**GOAL OF THE EXERCISE:** Return, from the listing below, every line that includes "most".

**STORED DATA:**
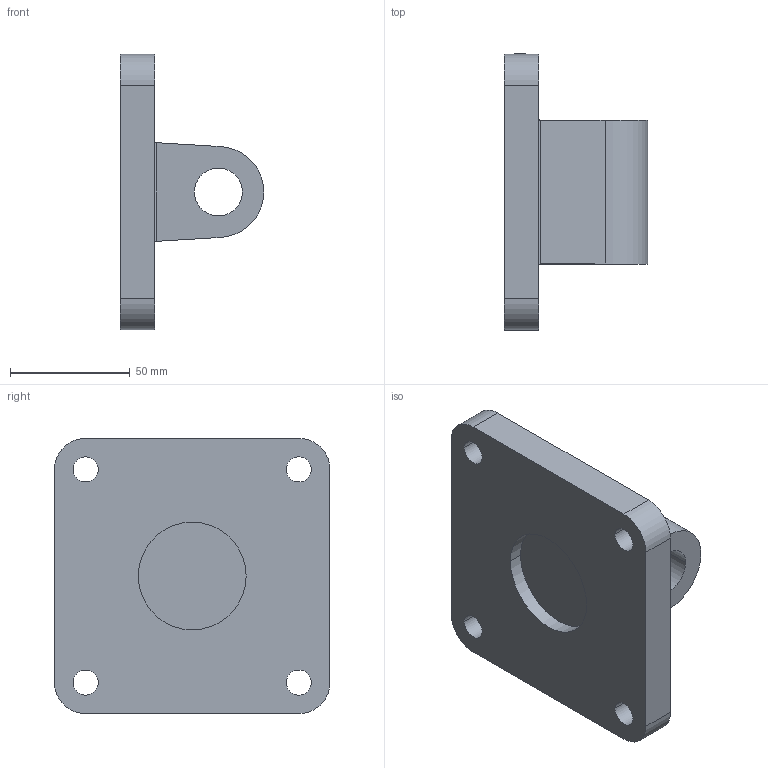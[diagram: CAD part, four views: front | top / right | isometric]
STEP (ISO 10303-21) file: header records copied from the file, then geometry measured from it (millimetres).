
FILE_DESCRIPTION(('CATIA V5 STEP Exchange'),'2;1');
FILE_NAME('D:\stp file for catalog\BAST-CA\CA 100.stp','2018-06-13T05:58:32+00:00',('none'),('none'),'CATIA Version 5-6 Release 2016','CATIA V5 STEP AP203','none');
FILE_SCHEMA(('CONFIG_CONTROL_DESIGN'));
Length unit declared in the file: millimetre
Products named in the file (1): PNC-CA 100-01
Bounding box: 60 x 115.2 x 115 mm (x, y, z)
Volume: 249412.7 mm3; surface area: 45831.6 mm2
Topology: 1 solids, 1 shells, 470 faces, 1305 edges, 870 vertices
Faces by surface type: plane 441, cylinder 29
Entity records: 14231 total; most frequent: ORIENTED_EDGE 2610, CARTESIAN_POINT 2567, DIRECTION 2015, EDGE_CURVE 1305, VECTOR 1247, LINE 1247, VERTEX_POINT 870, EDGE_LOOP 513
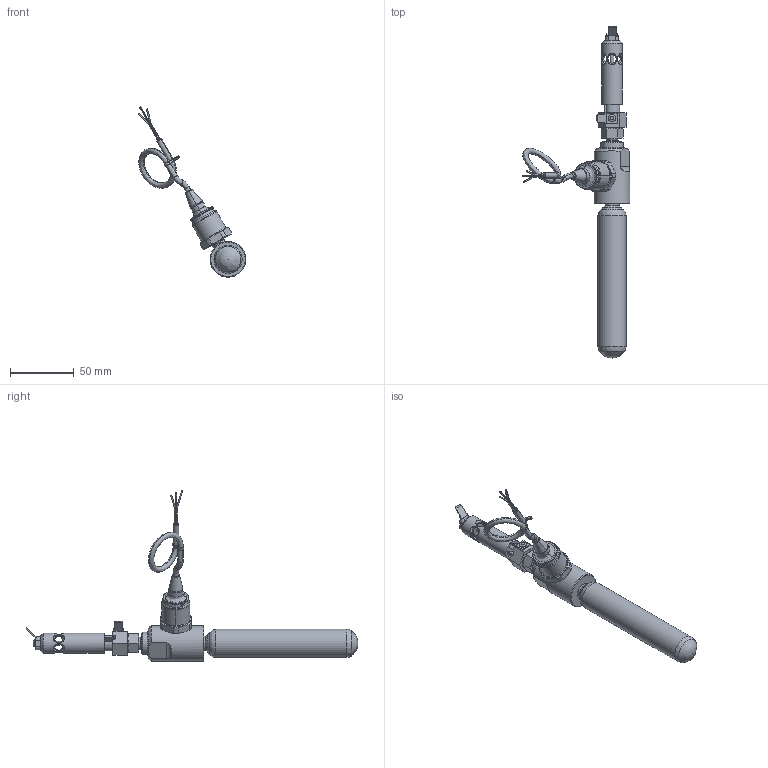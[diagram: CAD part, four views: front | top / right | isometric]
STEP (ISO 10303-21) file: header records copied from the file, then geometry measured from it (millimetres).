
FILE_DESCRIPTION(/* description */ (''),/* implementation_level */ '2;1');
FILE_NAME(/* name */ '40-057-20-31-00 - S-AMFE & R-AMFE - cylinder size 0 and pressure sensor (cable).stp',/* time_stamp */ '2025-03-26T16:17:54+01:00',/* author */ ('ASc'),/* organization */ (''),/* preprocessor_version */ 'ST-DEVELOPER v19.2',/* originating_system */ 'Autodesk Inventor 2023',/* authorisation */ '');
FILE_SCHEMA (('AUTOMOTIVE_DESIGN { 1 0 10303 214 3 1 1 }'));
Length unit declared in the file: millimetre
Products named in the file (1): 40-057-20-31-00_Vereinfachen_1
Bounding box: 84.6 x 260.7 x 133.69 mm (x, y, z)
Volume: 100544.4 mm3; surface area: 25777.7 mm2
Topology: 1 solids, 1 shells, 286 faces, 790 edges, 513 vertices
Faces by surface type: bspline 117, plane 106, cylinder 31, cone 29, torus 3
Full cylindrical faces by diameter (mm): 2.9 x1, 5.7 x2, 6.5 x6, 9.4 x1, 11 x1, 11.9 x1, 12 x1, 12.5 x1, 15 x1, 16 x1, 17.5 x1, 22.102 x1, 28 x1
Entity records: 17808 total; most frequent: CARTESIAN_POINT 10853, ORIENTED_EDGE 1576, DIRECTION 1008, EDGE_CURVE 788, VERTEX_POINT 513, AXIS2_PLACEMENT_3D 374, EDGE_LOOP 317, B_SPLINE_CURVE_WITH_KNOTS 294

**EXERCISE RESPONSE:**
Entity records: 14231 total; most frequent: ORIENTED_EDGE 2610, CARTESIAN_POINT 2567, DIRECTION 2015, EDGE_CURVE 1305, VECTOR 1247, LINE 1247, VERTEX_POINT 870, EDGE_LOOP 513
Entity records: 17808 total; most frequent: CARTESIAN_POINT 10853, ORIENTED_EDGE 1576, DIRECTION 1008, EDGE_CURVE 788, VERTEX_POINT 513, AXIS2_PLACEMENT_3D 374, EDGE_LOOP 317, B_SPLINE_CURVE_WITH_KNOTS 294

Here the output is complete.